Le deuxième il est bien sur plus cher... je pense que ce sont strictement les mêmes barrettes mais que les vendeurs en profite pour les acheteurs mac... et vous ?

Il y-a-t-il une raison technique pour laquelle un module "PC" ne sois pas compatible avec un "Mac " ???

Merci a tous!!


----------



## ntx (5 Octobre 2009)

Les Mac sont particulièrement sensibles à la qualité des modules de mémoire, je pense en particulièrement au temps de réponse, donc cela doit exclure certains fabricants exotiques peu soigneux sur leur process de fabrication pour faire baisser les coûts.
Mais effectivement techniquement à caractéristiques identiques ce sont les mêmes. A toi de prendre le risque d'acheter du "pas cher". :rateau:


----------



## ben206stras (11 Octobre 2009)

La qualité de fabrication joue.

Mais ce n'est pas tout, deux barrettes de RAM qui peuvent paraître identiques, mais de fabricant différents (qui auraient la même rigueur qualitative), ne le seront pas car certains composants ne seront pas les mêmes.
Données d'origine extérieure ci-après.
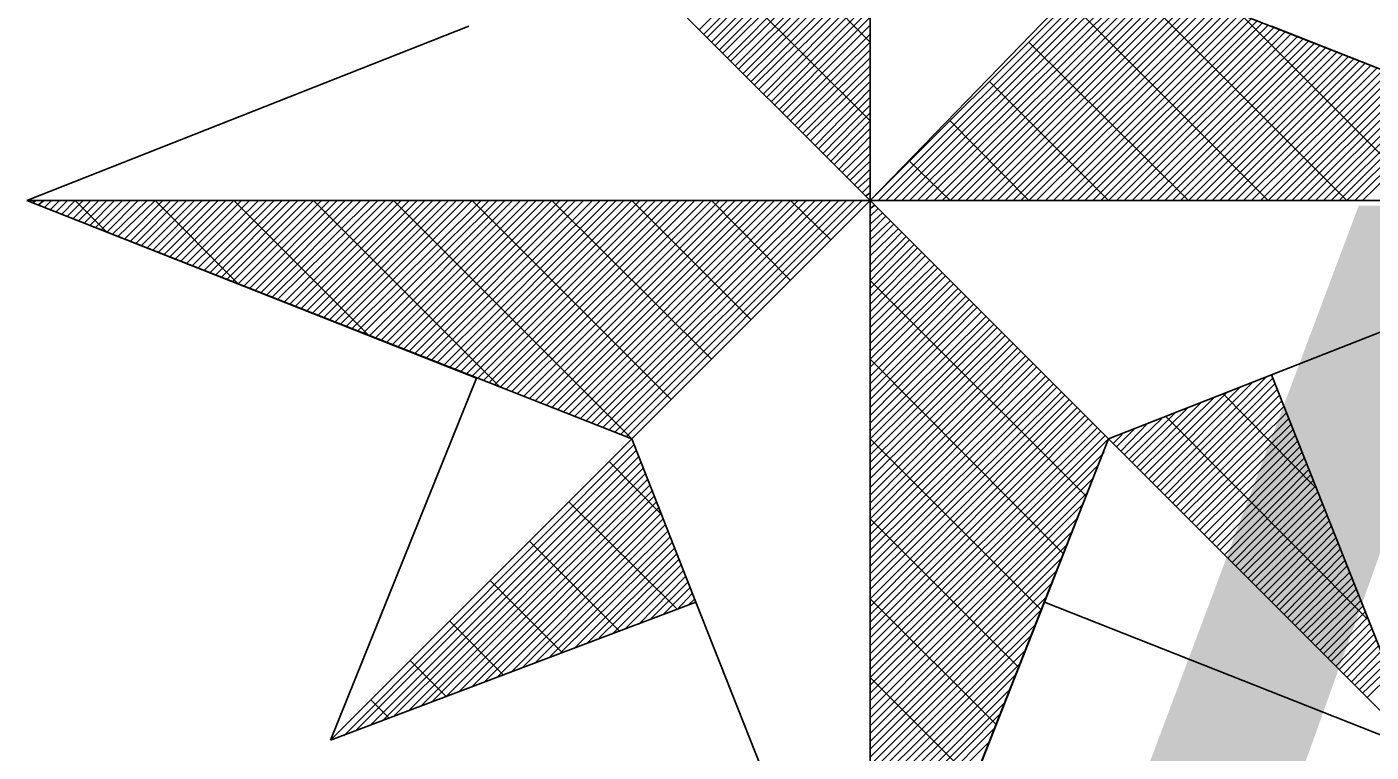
# Model space of a CAD drawing. Extents: x -729889 to -691139, y -995431 to -974354.
# Drawn here: x -725501.115 to -725499.035, y -978448.674 to -978447.551 of the extents above; entities that cross this region are included whole.
import ezdxf

# ---------------------------------------------------------------- set-up
doc = ezdxf.new("R2010")
doc.units = 0
for name, color, linetype in [('Atributy', 7, 'Continuous'), ('Skutečně zaměřené kabelové vedení', 7, 'Continuous'), ('Světelný bod se zemním svítidlem', 7, 'Continuous')]:
    doc.layers.add(name, color=color, linetype=linetype)

# ---------------------------------------------------------------- blocks, each defined once
blk = doc.blocks.new('Světlo')
at = {"layer": 'Světelný bod se zemním svítidlem'}
for p, q in [((0, 0), (0, 1.6939)), ((0, 1.6939), (0, -1.3043)), ((0, 0.2452), (-0.3148, 0.5617)), ((-0.2643, 0.2643), (0, 0.5287)), ((-0.2574, 0.2574), (0, 0.5165)), ((-0.2522, 0.2522), (0, 0.5043)), ((-0.2452, 0.2452), (0, 0.4922)), ((-0.24, 0.24), (0, 0.48)), ((0, 0.1235), (-0.3426, 0.4643)), ((-0.233, 0.233), (0, 0.4678)), ((-0.2278, 0.2278), (0, 0.4557)), ((-0.2209, 0.2209), (0, 0.4435)), ((-0.2157, 0.2157), (0, 0.4296)), ((-0.2087, 0.2087), (0, 0.4174)), ((-0.2035, 0.2035), (0, 0.4052)), ((-0.1965, 0.1965), (0, 0.393)), ((-0.1913, 0.1913), (0, 0.3809)), ((-0.3687, 0.3687), (0, 0)), ((0, 0), (-0.3687, 0.3687)), ((-0.1843, 0.1843), (0, 0.3687)), ((-0.1791, 0.1791), (0, 0.3565)), ((0.3687, 0.3687), (0, 0)), ((0.3687, 0.3687), (0, 0)), ((0, 0), (0.3687, 0.3687)), ((0.0122, 0), (0.3774, 0.3652)), ((0.0243, 0), (0.3861, 0.3617)), ((0.0365, 0), (0.3948, 0.3583)), ((0.0487, 0), (0.4035, 0.3548)), ((1.3043, 0), (0.3687, 0.3687)), ((0.7374, 0), (0.3687, 0.3687)), ((-0.1722, 0.1722), (0, 0.3443)), ((0.0609, 0), (0.4139, 0.3513)), ((0.073, 0), (0.4226, 0.3478)), ((0.0852, 0), (0.4313, 0.3443)), ((0.0991, 0), (0.44, 0.3409)), ((0.1113, 0), (0.4487, 0.3374)), ((0.1235, 0), (0.4574, 0.3339)), ((-0.1652, 0.1652), (0, 0.3322)), ((-0.16, 0.16), (0, 0.32)), ((0.1357, 0), (0.4661, 0.3304)), ((0.1478, 0), (0.4748, 0.327)), ((0.16, 0), (0.4835, 0.3235)), ((0.1722, 0), (0.4922, 0.32)), ((0.1843, 0), (0.5009, 0.3165)), ((0.1965, 0), (0.5096, 0.313)), ((-0.153, 0.153), (0, 0.3078)), ((-0.1478, 0.1478), (0, 0.2957)), ((0.2087, 0), (0.5183, 0.3096)), ((0.2209, 0), (0.527, 0.3061)), ((0.233, 0), (0.5374, 0.3026)), ((0.2452, 0), (0.5461, 0.2991)), ((0.2574, 0), (0.5548, 0.2957)), ((0.2713, 0), (0.5635, 0.2922)), ((0.6157, 0), (0.3078, 0.3078)), ((-0.1409, 0.1409), (0, 0.2835)), ((-0.1357, 0.1357), (0, 0.2713)), ((0.2835, 0), (0.5722, 0.2887)), ((0.2957, 0), (0.5809, 0.2852)), ((0.3078, 0), (0.5896, 0.2817)), ((0.32, 0), (0.5983, 0.2783)), ((0.3322, 0), (0.607, 0.2748)), ((0.3443, 0), (0.6157, 0.2713)), ((0.8609, 0), (0.5722, 0.2887)), ((-1.3043, 0), (-0.6209, 0.2696)), ((-0.1287, 0.1287), (0, 0.2574)), ((0.3565, 0), (0.6243, 0.2678)), ((0.3687, 0), (0.633, 0.2643)), ((0.3809, 0), (0.6417, 0.2609)), ((0.393, 0), (0.6504, 0.2574)), ((0.4052, 0), (0.6609, 0.2539)), ((0.4174, 0), (0.6696, 0.2504)), ((0.6209, 0.2696), (1.3043, 0)), ((-0.1235, 0.1235), (0, 0.2452)), ((-0.1165, 0.1165), (0, 0.233)), ((0.4922, 0), (0.2452, 0.2452)), ((0.4313, 0), (0.6783, 0.247)), ((0.4435, 0), (0.687, 0.2435)), ((0.4557, 0), (0.6957, 0.24)), ((0.4678, 0), (0.7043, 0.2365)), ((0.48, 0), (0.713, 0.233)), ((0.4922, 0), (0.7217, 0.2296)), ((-0.1113, 0.1113), (0, 0.2209)), ((-0.1043, 0.1043), (0, 0.2087)), ((0.5043, 0), (0.7304, 0.2261)), ((0.5165, 0), (0.7391, 0.2226)), ((0.5287, 0), (0.7478, 0.2191)), ((0.5409, 0), (0.7565, 0.2157)), ((0.553, 0), (0.7652, 0.2122)), ((0.5652, 0), (0.7739, 0.2087)), ((-0.0991, 0.0991), (0, 0.1965)), ((0.5774, 0), (0.7843, 0.2052)), ((0.5896, 0), (0.793, 0.2017)), ((0.6035, 0), (0.8017, 0.1983)), ((0.6157, 0), (0.8104, 0.1948)), ((0.6278, 0), (0.8191, 0.1913)), ((0.64, 0), (0.8278, 0.1878)), ((-0.0922, 0.0922), (0, 0.1843)), ((-0.0852, 0.0852), (0, 0.1722)), ((0.3687, 0), (0.1843, 0.1843)), ((0.6522, 0), (0.8365, 0.1843)), ((0.6643, 0), (0.8452, 0.1809)), ((0.6765, 0), (0.8539, 0.1774)), ((0.6887, 0), (0.8626, 0.1739)), ((0.7009, 0), (0.8713, 0.1704)), ((0.713, 0), (0.88, 0.167)), ((-0.08, 0.08), (0, 0.16)), ((-0.073, 0.073), (0, 0.1478)), ((0.7252, 0), (0.8887, 0.1635)), ((0.7374, 0), (0.8974, 0.16)), ((0.7496, 0), (0.9061, 0.1565)), ((0.7617, 0), (0.9165, 0.153)), ((-0.0678, 0.0678), (0, 0.1357)), ((-0.0609, 0.0609), (0, 0.1235)), ((-0.0557, 0.0557), (0, 0.1113)), ((0.2452, 0), (0.1235, 0.1235)), ((-0.0487, 0.0487), (0, 0.0991)), ((-0.0435, 0.0435), (0, 0.0852)), ((-0.0365, 0.0365), (0, 0.073)), ((-0.0313, 0.0313), (0, 0.0609)), ((-0.0243, 0.0243), (0, 0.0487)), ((0.1235, 0), (0.0609, 0.0609)), ((-0.0191, 0.0191), (0, 0.0365)), ((-0.0122, 0.0122), (0, 0.0243)), ((-1.3043, 0), (-0.3687, -0.3687)), ((0, 0), (-1.3043, 0)), ((-0.6087, -0.2748), (-1.3043, 0)), ((-1.3043, 0), (1.3043, 0)), ((-1.3043, 0), (-1.3043, 0)), ((-1.2957, -0.0035), (-1.2904, 0)), ((-1.287, -0.007), (-1.2783, 0)), ((-1.2765, -0.0104), (-1.2661, 0)), ((-1.2678, -0.0139), (-1.2539, 0)), ((-1.2591, -0.0174), (-1.2417, 0)), ((-1.2504, -0.0209), (-1.2296, 0)), ((-1.2417, -0.0243), (-1.2174, 0)), ((-1.233, -0.0278), (-1.2052, 0)), ((-1.1809, -0.0487), (-1.2296, 0)), ((-1.2243, -0.0313), (-1.193, 0)), ((-1.2157, -0.0348), (-1.1809, 0)), ((-1.207, -0.0383), (-1.1687, 0)), ((-1.1983, -0.0417), (-1.1565, 0)), ((-1.1896, -0.0452), (-1.1443, 0)), ((-1.1809, -0.0487), (-1.1322, 0)), ((-1.1722, -0.0522), (-1.1183, 0)), ((-1.1635, -0.0557), (-1.1061, 0)), ((-1.153, -0.0591), (-1.0939, 0)), ((-1.1443, -0.0626), (-1.0817, 0)), ((-1.1357, -0.0661), (-1.0696, 0)), ((-1.127, -0.0696), (-1.0574, 0)), ((-1.1183, -0.073), (-1.0452, 0)), ((-1.1096, -0.0765), (-1.033, 0)), ((-0.9774, -0.1287), (-1.1061, 0)), ((-1.1009, -0.08), (-1.0209, 0)), ((-1.0922, -0.0835), (-1.0087, 0)), ((-1.0835, -0.087), (-0.9965, 0)), ((-1.0748, -0.0904), (-0.9843, 0)), ((-1.0661, -0.0939), (-0.9722, 0)), ((-1.0574, -0.0974), (-0.96, 0)), ((-1.0487, -0.1009), (-0.9461, 0)), ((-1.04, -0.1043), (-0.9339, 0)), ((-1.0296, -0.1078), (-0.9217, 0)), ((-1.0209, -0.1113), (-0.9096, 0)), ((-1.0122, -0.1148), (-0.8974, 0)), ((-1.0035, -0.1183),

Donc, la compatibilité de barrettes PC n'est pas assurée avec un mac.

Il est à savoir aussi que sur les PC, toutes la barrettes ne sont pas compatibles non plus avec toutes les machines, cela dépend aussi du constructeur de la barrette et de l'assembleur de la machine (et donc de la carte mère choisie).


----------